Pharmacologic relevance of dihydropyridine binding sites in membranes from rat aorta: kinetic and equilibrium studies.

Abstract

The kinetic features of the interaction of dihydropyridines with rat aortic smooth muscle were investigated in parallel mechanical and binding studies. The inhibitory action of (+)-PN200-110 and nisoldipine on contractions evoked by potassium chloride depolarization was characterized by a pronounced time dependency, in which the inhibition increased slowly after depolarization to attain a steady-state value, while with (-)-PN200-110 and (+)-Bay K8644 the inhibition was almost instantaneous.

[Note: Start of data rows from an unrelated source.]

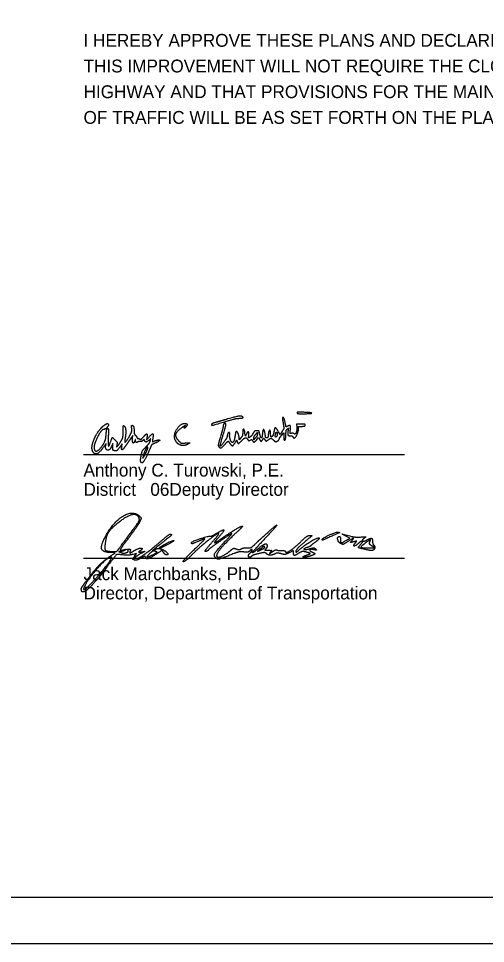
# Model space of a CAD drawing. Extents: x 0 to 34, y 0 to 22.
# Drawn here: x 23.82 to 28.91, y 0 to 10.08 of the extents above; entities that cross this region are included whole.
import ezdxf

# ---------------------------------------------------------------- set-up
doc = ezdxf.new("R2010")
doc.units = 0
for name, color, linetype in [('SH_Border', 7, 'Continuous'), ('SH_Cut_Line', 7, 'Continuous'), ('SH_Data', 7, 'Continuous'), ('SH_Text', 7, 'Continuous')]:
    doc.layers.add(name, color=color, linetype=linetype)

msp = doc.modelspace()

# ---------------------------------------------------------------- linework, layer by layer
at = {"layer": 'SH_Border'}
msp.add_lwpolyline([(1.5, 21.5), (33.5, 21.5), (33.5, 0.5), (1.5, 0.5)], close=True, dxfattribs=at)
at = {"layer": 'SH_Cut_Line'}
msp.add_lwpolyline([(0, 0), (34, 0), (34, 22), (0, 22)], close=True, dxfattribs=at)
at = {"layer": 'SH_Data'}
for p, q in [((24.528, 5.329), (28.028, 5.329)), ((24.528, 4.2), (28.028, 4.2))]:
    msp.add_line(p, q, dxfattribs=at)
at = {"layer": 'SH_Text'}
for p, q in [((25.929, 5.658), (25.929, 5.658)), ((25.216, 5.363), (25.216, 5.363)), ((25.569, 5.439), (25.569, 5.439)), ((25.157, 5.242), (25.157, 5.242)), ((24.99, 4.405), (24.99, 4.405)), ((27.129, 4.404), (27.129, 4.404)), ((25.311, 4.273), (25.311, 4.273)), ((25.356, 4.315), (25.356, 4.315)), ((25.727, 4.286), (25.727, 4.286)), ((26.504, 4.317), (26.504, 4.317)), ((27.582, 4.298), (27.582, 4.298))]:
    msp.add_line(p, q, dxfattribs=at)
for points in [[(26.897, 5.661), (26.85, 5.661), (26.852, 5.631)], [(26.303, 5.551), (26.292, 5.529), (26.288, 5.561)], [(26.69, 5.578), (26.67, 5.547), (26.652, 5.578)], [(26.687, 5.538), (26.711, 5.566), (26.711, 5.525)], [(24.77, 5.427), (24.774, 5.449), (24.757, 5.425)], [(24.847, 5.412), (24.847, 5.449), (24.832, 5.416)], [(24.946, 5.418), (24.951, 5.446), (24.923, 5.411)], [(25.062, 5.502), (25.065, 5.537), (25.032, 5.489)], [(25.219, 5.515), (25.214, 5.489), (25.242, 5.52)], [(25.256, 5.478), (25.262, 5.502), (25.242, 5.485)], [(26.244, 5.512), (26.224, 5.489), (26.224, 5.512)], [(26.418, 5.493), (26.437, 5.516), (26.446, 5.497)], [(24.891, 5.436), (24.886, 5.409), (24.902, 5.425)], [(27.393, 4.394), (27.43, 4.416), (27.389, 4.439)], [(24.843, 4.238), (24.873, 4.259), (24.835, 4.26)], [(25.085, 4.218), (25.107, 4.25), (25.065, 4.24)], [(26.453, 4.297), (26.423, 4.272), (26.464, 4.291)], [(27.642, 4.311), (27.698, 4.311), (27.669, 4.333)]]:
    msp.add_lwpolyline(points, dxfattribs=at)
for points in [[(26.068, 5.71), (26.193, 5.747), (26.264, 5.754), (26.263, 5.73)], [(26.93, 5.789), (26.864, 5.791), (26.855, 5.79), (26.855, 5.781)], [(26.855, 5.781), (26.855, 5.776), (26.886, 5.773), (26.933, 5.774)], [(26.933, 5.774), (27.018, 5.774), (27.015, 5.787), (26.93, 5.789)], [(24.744, 5.64), (24.77, 5.663), (24.799, 5.668), (24.799, 5.65)], [(24.799, 5.65), (24.799, 5.64), (24.771, 5.609), (24.761, 5.609)], [(25.052, 5.621), (25.046, 5.639), (25.063, 5.652), (25.072, 5.636)], [(25.52, 5.527), (25.52, 5.576), (25.595, 5.669), (25.633, 5.669)], [(25.633, 5.635), (25.642, 5.647), (25.64, 5.647), (25.619, 5.634)], [(25.633, 5.669), (25.652, 5.669), (25.66, 5.649), (25.647, 5.633)], [(25.941, 5.647), (25.93, 5.644), (25.927, 5.647), (25.929, 5.658)], [(25.929, 5.658), (25.93, 5.667), (25.942, 5.675), (25.959, 5.679)], [(26.225, 5.72), (26.193, 5.719), (26.141, 5.706), (25.941, 5.647)], [(25.959, 5.679), (25.975, 5.683), (26.024, 5.697), (26.068, 5.71)], [(26.039, 5.507), (26.074, 5.623), (26.083, 5.661), (26.077, 5.666)], [(26.077, 5.666), (26.069, 5.675), (26.051, 5.656), (26.05, 5.636)], [(26.263, 5.73), (26.263, 5.725), (26.248, 5.721), (26.225, 5.72)], [(26.699, 5.699), (26.713, 5.624), (26.712, 5.61), (26.69, 5.578)], [(26.702, 5.733), (26.696, 5.733), (26.695, 5.722), (26.699, 5.699)], [(26.731, 5.651), (26.717, 5.715), (26.71, 5.733), (26.702, 5.733)], [(26.753, 5.638), (26.738, 5.63), (26.735, 5.631), (26.731, 5.651)], [(26.782, 5.594), (26.786, 5.637), (26.777, 5.651), (26.753, 5.638)], [(26.943, 5.649), (26.943, 5.659), (26.933, 5.661), (26.897, 5.661)], [(26.913, 5.636), (26.934, 5.637), (26.943, 5.641), (26.943, 5.649)], [(24.64, 5.486), (24.66, 5.537), (24.711, 5.612), (24.744, 5.64)], [(24.748, 5.602), (24.736, 5.607), (24.688, 5.539), (24.663, 5.48)], [(24.757, 5.604), (24.758, 5.6), (24.754, 5.6), (24.748, 5.602)], [(24.761, 5.609), (24.758, 5.609), (24.756, 5.607), (24.757, 5.604)], [(24.762, 5.477), (24.767, 5.488), (24.773, 5.522), (24.775, 5.553)], [(24.775, 5.553), (24.778, 5.588), (24.783, 5.609), (24.79, 5.611)], [(24.79, 5.611), (24.798, 5.614), (24.8, 5.595), (24.798, 5.518)], [(24.939, 5.479), (24.956, 5.51), (24.959, 5.527), (24.959, 5.577)], [(24.959, 5.577), (24.959, 5.633), (24.966, 5.65), (24.98, 5.628)], [(24.98, 5.628), (24.988, 5.616), (24.989, 5.552), (24.983, 5.516)], [(25.015, 5.506), (25.043, 5.55), (25.059, 5.599), (25.052, 5.621)], [(25.072, 5.636), (25.076, 5.63), (25.079, 5.609), (25.079, 5.588)], [(25.079, 5.588), (25.079, 5.562), (25.084, 5.548), (25.095, 5.537)], [(25.181, 5.521), (25.21, 5.555), (25.225, 5.553), (25.219, 5.515)], [(25.242, 5.52), (25.277, 5.558), (25.29, 5.553), (25.283, 5.503)], [(25.619, 5.634), (25.544, 5.586), (25.523, 5.521), (25.568, 5.476)], [(25.647, 5.633), (25.633, 5.616), (25.619, 5.618), (25.633, 5.635)], [(26.05, 5.636), (26.049, 5.625), (26.037, 5.58), (26.024, 5.535)], [(26.121, 5.54), (26.125, 5.571), (26.101, 5.568), (26.095, 5.535)], [(26.192, 5.581), (26.189, 5.581), (26.184, 5.564), (26.181, 5.543)], [(26.224, 5.512), (26.223, 5.536), (26.203, 5.581), (26.192, 5.581)], [(26.263, 5.566), (26.263, 5.543), (26.258, 5.528), (26.244, 5.512)], [(26.288, 5.561), (26.282, 5.604), (26.263, 5.608), (26.263, 5.566)], [(26.329, 5.538), (26.332, 5.574), (26.318, 5.581), (26.303, 5.551)], [(26.375, 5.558), (26.366, 5.541), (26.351, 5.524), (26.342, 5.518)], [(26.415, 5.587), (26.396, 5.587), (26.388, 5.581), (26.375, 5.558)], [(26.384, 5.507), (26.384, 5.516), (26.392, 5.534), (26.403, 5.547)], [(26.403, 5.547), (26.422, 5.568), (26.423, 5.568), (26.423, 5.552)], [(26.423, 5.552), (26.423, 5.542), (26.415, 5.524), (26.404, 5.512)], [(26.449, 5.553), (26.441, 5.585), (26.438, 5.588), (26.415, 5.587)], [(26.478, 5.556), (26.475, 5.511), (26.461, 5.509), (26.449, 5.553)], [(26.508, 5.549), (26.501, 5.6), (26.482, 5.604), (26.478, 5.556)], [(26.526, 5.511), (26.516, 5.509), (26.512, 5.517), (26.508, 5.549)], [(26.542, 5.547), (26.54, 5.523), (26.536, 5.513), (26.526, 5.511)], [(26.567, 5.557), (26.567, 5.597), (26.545, 5.588), (26.542, 5.547)], [(26.605, 5.585), (26.597, 5.535), (26.567, 5.513), (26.567, 5.557)], [(26.652, 5.578), (26.629, 5.62), (26.611, 5.623), (26.605, 5.585)], [(26.637, 5.537), (26.628, 5.516), (26.615, 5.524), (26.62, 5.547)], [(26.62, 5.547), (26.623, 5.559), (26.627, 5.571), (26.628, 5.572)], [(26.628, 5.572), (26.634, 5.579), (26.641, 5.549), (26.637, 5.537)], [(26.734, 5.543), (26.735, 5.58), (26.74, 5.599), (26.749, 5.607)], [(26.749, 5.607), (26.761, 5.616), (26.762, 5.614), (26.757, 5.586)], [(26.757, 5.586), (26.751, 5.55), (26.761, 5.533), (26.788, 5.533)], [(26.795, 5.56), (26.781, 5.557), (26.78, 5.56), (26.782, 5.594)], [(26.821, 5.556), (26.815, 5.561), (26.804, 5.563), (26.795, 5.56)], [(26.852, 5.631), (26.855, 5.591), (26.835, 5.544), (26.821, 5.556)], [(26.823, 5.509), (26.838, 5.509), (26.871, 5.578), (26.871, 5.608)], [(26.871, 5.608), (26.871, 5.624), (26.874, 5.637), (26.877, 5.636)], [(26.877, 5.636), (26.881, 5.636), (26.897, 5.636), (26.913, 5.636)], [(24.634, 5.354), (24.619, 5.375), (24.621, 5.439), (24.64, 5.486)], [(24.663, 5.48), (24.646, 5.441), (24.641, 5.391), (24.651, 5.374)], [(24.651, 5.374), (24.664, 5.352), (24.737, 5.42), (24.762, 5.477)], [(24.798, 5.518), (24.797, 5.465), (24.798, 5.421), (24.801, 5.421)], [(24.801, 5.421), (24.804, 5.421), (24.812, 5.438), (24.82, 5.459)], [(24.82, 5.459), (24.84, 5.514), (24.844, 5.516), (24.872, 5.487)], [(24.872, 5.487), (24.893, 5.465), (24.896, 5.458), (24.891, 5.436)], [(24.902, 5.425), (24.911, 5.434), (24.927, 5.458), (24.939, 5.479)], [(24.983, 5.516), (24.974, 5.466), (24.987, 5.462), (25.015, 5.506)], [(25.032, 5.489), (25.014, 5.463), (24.991, 5.43), (24.981, 5.416)], [(25.087, 5.479), (25.075, 5.448), (25.06, 5.462), (25.062, 5.502)], [(25.095, 5.484), (25.095, 5.493), (25.092, 5.492), (25.087, 5.479)], [(25.095, 5.537), (25.104, 5.529), (25.111, 5.517), (25.111, 5.511)], [(25.121, 5.467), (25.108, 5.458), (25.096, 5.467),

To explain these observations, specific binding sites for dihydropyridines were studied in membranes isolated from rat aorta, using [3H](+)-PN200-110 as a radioligand. We found that the time course of the development of inhibition of potassium chloride-evoked contractions by various concentrations of (+)-PN200-110 paralleled the time course of [3H](+)-PN200-110 binding to isolated membranes and that the level of inhibition was predictable from the level of occupation of these binding sites. These results indicate that depolarization increases the affinity of calcium channels for dihydropyridines in vascular smooth muscle and that the time course of the inhibitory effect on contraction is determined by the time course of association with the high-affinity state of the channel.